I'm having a hard time with this part too. My 3 children are broken. I don't think my husband can see the full extent because he is not here at home. He says they don't act like that with him, but he is living at his parents where its grandmas house to the kids...Of course they are going to be happier and fight less. 

In our situation both Husband and I were unfaithful even in the same month. We have been working on coming back together. We are much farther than we were at the time of seperation.

Our kids notice happiness when we are together as a family.

I know in my situation its best for the kids for both mommy and daddy to live together and raise them together.


----------



## Blindasabat (Nov 29, 2011)

We took my daughter to a movie today I could see doing things like that with her as friends time to time if we are ever able to get past the s...storm that's on the way. But its going to be a big change for my daughter


----------



## blueskies30 (Jan 27, 2010)

Blindasabat said:


> We took my daughter to a movie today I could see doing things like that with her as friends time to time if we are ever able to get past the s...storm that's on the way. But its going to be a big change for my daughter


So sorry for your daughter


----------



## Blindasabat (Nov 29, 2011)

all the kids - bad enough for adults to get their hearts ripped out and stomped on but the children deserve so much better than this.
_Posted via Mobile Device_


----------



## ing (Mar 26, 2011)

My kids are better off now. They no longer have to compete with their Mother on a daily basis, they have a safe place to grow emotionally and they have. My younger daughter was withdrawn and shy. Only a few months later and she is confident to say no Confident to say what she wants. My exw was passive aggressive and the separation has revealed this. Her final selfish behaviour only confirmed in my older girls mind what she already suspected.
A least half the time they can be themselves.

I do my best to support the best parts of my ExW to them. They need to be able to love their Mother. 
Yes. It was awful. Yes it hurt them badly but they are adaptable. Just be strong. Move forward. Even if you try and hide the pain, they will see it. 
Do not lie for your wife Answer questions directly and explain that it is not acceptable that your wife also have a BF and stay in the house. 
Take the high ground but do not let her walk off imagining that this is a "marital problem" 
The kids know this already. Even at five.


----------



## Blindasabat (Nov 29, 2011)

Its what eats me up is that my daughter knows about atleast one of the A's to the extent of her mom kissing someone on the lips She wanted to tell me more I stopped her I will find out more from her one time with a recorder at a later date if my attorney deems it necessary so she's already negatively effected. she's asking all kinds of questions about love and marriage uggg wish I could fast forward from here.
_Posted via Mobile Device_


----------



## ing (Mar 26, 2011)

Blindasabat said:


> Its what eats me up is that my daughter knows about atleast one of the A's to the extent of her mom kissing someone on the lips She wanted to tell me more I stopped her I will find out more from her one time with a recorder at a later date if my attorney deems it necessary so she's already negatively effected. she's asking all kinds of questions about love and marriage uggg wish I could fast forward from here.
> _Posted via Mobile Device_


This is awful.
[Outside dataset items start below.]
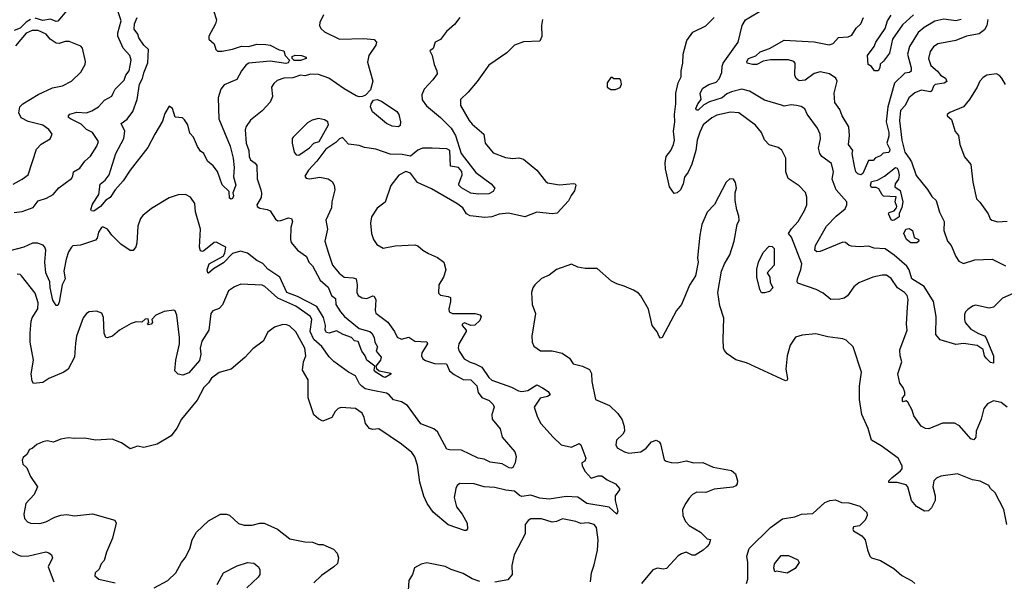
# Model space of a CAD drawing. Extents: x 1690054 to 1842981, y 782881 to 914114.
# Tile 639 of 656: x 1789832 to 1796366, y 896539 to 900263. Entities that reach past the tile are written whole.
import ezdxf

# ---------------------------------------------------------------- set-up
doc = ezdxf.new("R2010")
doc.units = 0

msp = doc.modelspace()

# ---------------------------------------------------------------- linework, layer by layer
at = {"layer": '0CON10XD'}
for points in [[(1789795.4, 898984.6), (1789848.6, 898991.4), (1789921.4, 899018.6), (1789955, 899061.8), (1790009.8, 899080.2), (1790055, 899104.7), (1790092.3, 899147.7), (1790175, 899209.1), (1790184.1, 899225), (1790188.6, 899255), (1790230.7, 899279.3), (1790265, 899324.2), (1790302.7, 899357.3), (1790345, 899424.2), (1790354.4, 899455), (1790315, 899514.2), (1790275, 899534.5), (1790240.9, 899570.9), (1790168.8, 899605), (1790156.2, 899615), (1790156.2, 899625), (1790165, 899636), (1790210.8, 899649.2), (1790275, 899646.7), (1790312, 899658), (1790355.2, 899684.8), (1790395, 899728.5), (1790443.9, 899756.1), (1790453.3, 899775), (1790465, 899802.5), (1790525, 899861.2), (1790537.5, 899895), (1790558.8, 899925), (1790572.9, 899995), (1790564.1, 900025), (1790518.9, 900075), (1790483.2, 900153.2), (1790483.8, 900175), (1790506.3, 900256.4), (1790485.3, 900315.3)], [(1790145.5, 900325), (1790085, 900253.5), (1790075, 900251.5), (1790035.8, 900265.8), (1789985, 900258.7), (1789935, 900272.3)], [(1791118, 900325), (1791137.3, 900262.7), (1791131.2, 900235), (1791087.5, 900155), (1791087.5, 900135), (1791123.6, 900103.6), (1791134, 900065), (1791145.5, 900055.5), (1791175, 900054.1), (1791245, 900067.1), (1791305, 900088.4), (1791353.6, 900086.4), (1791405, 900100.5), (1791465, 900098.6), (1791495, 900094), (1791554, 900064), (1791585.8, 900055.8), (1791593.8, 900025), (1791621.9, 899995), (1791613.1, 899976.9), (1791597.9, 899972.1), (1791495, 899987.9), (1791352.2, 899975), (1791335, 899963.1), (1791303.5, 899925), (1791273.6, 899866.4), (1791188.9, 899831.1), (1791166.6, 899803.4), (1791150, 899745), (1791154.5, 899605), (1791230, 899425), (1791249.2, 899345), (1791256.4, 899283.6), (1791250.9, 899220.9), (1791266.2, 899165), (1791246.2, 899115), (1791250, 899095), (1791245, 899077.5), (1791235, 899072.9), (1791225, 899080), (1791222.9, 899125), (1791175, 899168.9), (1791145, 899256.9), (1791116.4, 899295), (1791077.8, 899325), (1791054.4, 899375), (1791032.3, 899392.3), (1791012.3, 899422.3), (1790985.6, 899485), (1790961.7, 899511.7), (1790947.5, 899565), (1790925, 899600), (1790912.3, 899612.3), (1790865, 899617.5), (1790846, 899675), (1790825, 899688.8), (1790795, 899642), (1790780.3, 899589.7), (1790728.1, 899505), (1790682.5, 899415), (1790565.5, 899265), (1790520, 899195), (1790465.4, 899134.6), (1790432.5, 899085), (1790403.1, 899066.9), (1790368.9, 899025), (1790325, 898993.2), (1790308.1, 898995), (1790304.7, 899005.3), (1790315, 899040), (1790357.5, 899105), (1790367, 899173), (1790399.8, 899200.2), (1790425.9, 899234.1), (1790470.4, 899375), (1790522.5, 899475), (1790529.6, 899525), (1790506.2, 899575), (1790545.3, 899604.7), (1790583.6, 899655), (1790610.9, 899735), (1790627.9, 899835), (1790647.6, 899872.4), (1790655, 899910.8), (1790682.3, 899977.7), (1790687.5, 900065), (1790655.3, 900095.3), (1790623.5, 900143.5), (1790617.1, 900167.1), (1790591.3, 900201.3), (1790593.5, 900235), (1790611.8, 900278.2)], [(1796425, 898447.3), (1796355, 898416.4), (1796294, 898356), (1796265, 898350.5), (1796175, 898370.2), (1796155, 898363.6), (1796125, 898341.6), (1796108.2, 898325), (1796102.1, 898307.9), (1796101, 898275), (1796106.9, 898255), (1796145, 898212.2), (1796195, 898181.8), (1796235, 898166.5), (1796244.4, 898155), (1796293.5, 898035), (1796295, 897986.7), (1796275, 897990), (1796245, 898017.9), (1796234.7, 898035), (1796225.4, 898075.4), (1796185, 898103.1), (1796095, 898116.4), (1796045, 898110.5), (1795940.4, 898140.4), (1795912.5, 898175), (1795914.1, 898295), (1795897.2, 898395), (1795833.8, 898493.8), (1795751.5, 898545), (1795734.1, 898605), (1795718.6, 898628.6), (1795635, 898702.8), (1795575, 898744), (1795502.7, 898747.3), (1795465, 898761.4), (1795405, 898756.4), (1795352.3, 898762.3), (1795336, 898766), (1795312.5, 898785), (1795295, 898787.5), (1795145, 898725.6), (1795122.5, 898725), (1795108.8, 898735), (1795112.5, 898765), (1795185.3, 898894.7), (1795249.4, 898960.6), (1795310.2, 899009.8), (1795322.1, 899035), (1795322.1, 899055), (1795251.4, 899135), (1795223.7, 899205), (1795232.6, 899255), (1795220, 899310), (1795156.1, 899356.1), (1795141.4, 899375), (1795132.4, 899412.4), (1795146.1, 899473.9), (1795144.5, 899505), (1795125.6, 899545), (1795057.1, 899637.1), (1795041.7, 899671.7), (1795017.8, 899687.8), (1794987.5, 899695), (1794952.4, 899697.6), (1794905, 899690.9), (1794887.1, 899697.1), (1794775, 899729.1), (1794675, 899789.5), (1794625, 899801.9), (1794555, 899784.6), (1794525, 899770.7), (1794493.1, 899745), (1794410.4, 899719.6), (1794372.3, 899697.7), (1794335, 899662.5), (1794322.5, 899662.5), (1794320, 899675), (1794331.4, 899705), (1794354, 899735), (1794346.9, 899775), (1794365, 899808.4), (1794405, 899834.3), (1794455, 899848.8), (1794475, 899872.1), (1794492.7, 899912.7), (1794493.8, 899955), (1794501.2, 899975), (1794600, 900115), (1794625.9, 900225), (1794648.4, 900261.6), (1794775, 900336.4)], [(1795763.9, 900296.1), (1795690.7, 900229.3), (1795623.5, 900135), (1795605, 900042), (1795565, 899988), (1795542, 899968), (1795540.6, 899945), (1795528.6, 899925), (1795505, 899923.8), (1795485, 899952.5), (1795462.5, 899965), (1795459.2, 900025), (1795502.9, 900085), (1795514.4, 900115), (1795574.4, 900205), (1795590.4, 900255), (1795615, 900293.1)], [(1789905, 900264.5), (1789875, 900247.6), (1789835, 900206), (1789795, 900191.3)], [(1793301.1, 900265), (1793294.5, 900225), (1793297.7, 900152.3), (1793285, 900120), (1793175, 900115.8), (1793115, 900094), (1793065, 900043.8), (1792945, 899961.2), (1792867.3, 899852.7), (1792807.3, 899782.7), (1792757.1, 899735), (1792757.5, 899695), (1792814.5, 899595), (1792835, 899570), (1792913.3, 899505), (1792921.1, 899445), (1792975, 899381.2), (1793055, 899349.4), (1793105, 899342.2), (1793145, 899346.7), (1793175, 899337.8), (1793264.6, 899264.6), (1793321.4, 899191.4), (1793335, 899181.9), (1793415, 899167.1), (1793507.1, 899177.1), (1793517.5, 899175), (1793523.3, 899165), (1793515, 899127.5), (1793491.7, 899098.3), (1793475, 899061.2), (1793398.7, 898981.3), (1793365, 898976.9), (1793265, 898986.5), (1793185, 898957.1), (1793075, 898980.9), (1793015, 898974.4), (1792965, 898956.9), (1792918.7, 898951.3), (1792822.5, 898962.5), (1792796.9, 898976.9), (1792773.1, 899015), (1792732.5, 899045), (1792565, 899141.5), (1792473.1, 899183.1), (1792425, 899245.8), (1792395, 899255.6), (1792348.3, 899231.7), (1792295, 899163.3), (1792257.3, 899052.7), (1792205, 899014), (1792165.8, 898955), (1792160, 898915), (1792166.7, 898845), (1792180, 898805), (1792202.1, 898772.1), (1792245, 898748.1), (1792325, 898764.3), (1792455, 898770), (1792475, 898763.3), (1792506.7, 898735), (1792545, 898712.5), (1792605, 898685.8), (1792646, 898655), (1792659.2, 898605), (1792644, 898555), (1792614.3, 898505.7), (1792610.7, 898450.7), (1792625, 898436.7), (1792675, 898428.8), (1792690.7, 898420.7), (1792691.2, 898395), (1792680, 898345), (1792682.5, 898325), (1792705, 898314), (1792855, 898314.2), (1792885, 898306.2), (1792893.8, 898295), (1792885, 898268.8), (1792852.1, 898237.9), (1792825.8, 898235.8), (1792785, 898254), (1792769.2, 898245), (1792768.6, 898235), (1792794, 898205), (1792794.3, 898195), (1792746.9, 898115), (1792742.7, 898087.3), (1792747.7, 898065), (1792782.8, 898015), (1792821.5, 897991.5), (1792855, 897981.9), (1792899.1, 897959.1), (1792945, 897890.6), (1792965, 897873.8), (1793095, 897827.5), (1793141.4, 897801.4), (1793165, 897798), (1793203.8, 897805), (1793265, 897841.8), (1793302.2, 897822.2), (1793338.8, 897798.8), (1793351.4, 897775), (1793334.8, 897765.2), (1793285.3, 897754.7), (1793246.9, 897695), (1793267.4, 897627.4), (1793291.5, 897585), (1793372.5, 897495), (1793426.2, 897445), (1793495, 897427.9), (1793545, 897452), (1793555, 897444.5), (1793588.5, 897355), (1793583.4, 897336.6), (1793563.3, 897325), (1793563.8, 897305), (1793585, 897267.5), (1793625, 897223.3), (1793671.7, 897238.3), (1793695, 897237.8), (1793731.7, 897211.7), (1793785.7, 897185), (1793812.5, 897155), (1793812, 897145), (1793784.5, 897105), (1793784.6, 897074.6), (1793801.1, 897005), (1793795.6, 896984.4), (1793745, 897030.3), (1793595, 897055.6), (1793535, 897097.7), (1793458.5, 897101.5), (1793345.4, 897084.6), (1793285, 897091.4), (1793225, 897110), (1793165, 897102.4), (1793148.3, 897108.3), (1793115, 897136.9), (1793057.3, 897142.7), (1792985, 897161.9), (1792915.2, 897165.2), (1792847.5, 897185), (1792753, 897187), (1792736.2, 897175), (1792726, 897155), (1792715.9, 897094.1), (1792732, 897032), (1792769.4, 896985), (1792801.9, 896925), (1792805, 896887.5), (1792795, 896876.2), (1792785, 896876), (1792675, 896912.7), (1792575, 896998.5), (1792537.3, 897055), (1792514.8, 897104.8), (1792487.2, 897197.2), (1792471.3, 897308.7), (1792455.5, 897365.5), (1792435, 897394), (1792365, 897449.2), (1792215, 897550), (1792175, 897545.7), (1792153.1, 897553.1), (1792126.7, 897585), (1792119.2, 897625), (1792105, 897653.3), (1792060, 897685), (1791965, 897690.8), (1791945, 897685.7), (1791925.7, 897665), (1791903.8, 897625), (1791845, 897601.2), (1791815, 897616.7), (1791785, 897643.3), (1791747.3, 897755), (1791746.9, 897875), (1791709.3, 897939.3), (1791714.7, 897995), (1791730, 898035), (1791724.2, 898084.2), (1791665, 898194.2), (1791625, 898230), (1791605, 898239.4), (1791578.3, 898241.7), (1791523.3, 898225), (1791479.5, 898190.5), (1791448.3, 898131.7), (1791379.8, 898080.2), (1791326.3, 898023.7), (1791236.7, 897945), (1791155, 897924.5), (1791105, 897885.4), (1791085.5, 897855), (1791055, 897824.2), (1791010, 897740), (1790905.8, 897615), (1790875.6, 897555), (1790836.8, 897503.2), (1790745, 897448), (1790655, 897426.7), (1790613.9, 897436.1), (1790565, 897417.5), (1790508.3, 897458.3), (1790445, 897481.4), (1790335, 897474.5), (1790265, 897489.4), (1790195, 897486), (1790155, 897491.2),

Let her talk about it though. She needs you to listen and explain in as simple language as you can. 
It is not acceptable. 
Your wife will be feeding all sort of crap to her about how special love will overcome all and in the end you will be happier. It is wrong. Very Very wrong.
Your daughter already knows this..


----------



## Blindasabat (Nov 29, 2011)

ing said:


> This is awful. Let her talk about it though. She needs you to listen and explain in as simple language as you can.
> It is not acceptable.
> Your wife will be feeding all sort of crap to her about how special love will overcome all and in the end you will be happier. It is wrong. Very Very wrong.
> Your daughter already knows this..


I stopped my daughter from talking about it becuase what prompted her to tell me was a discussion we were having about honesty
and not keeping secrets which I guess made her feel bad for keeping her mom's secret from me. Also didn't want her telling the W

just wanted to stop it there for now-but I will talk with her again when/if needed
_Posted via Mobile Device_


----------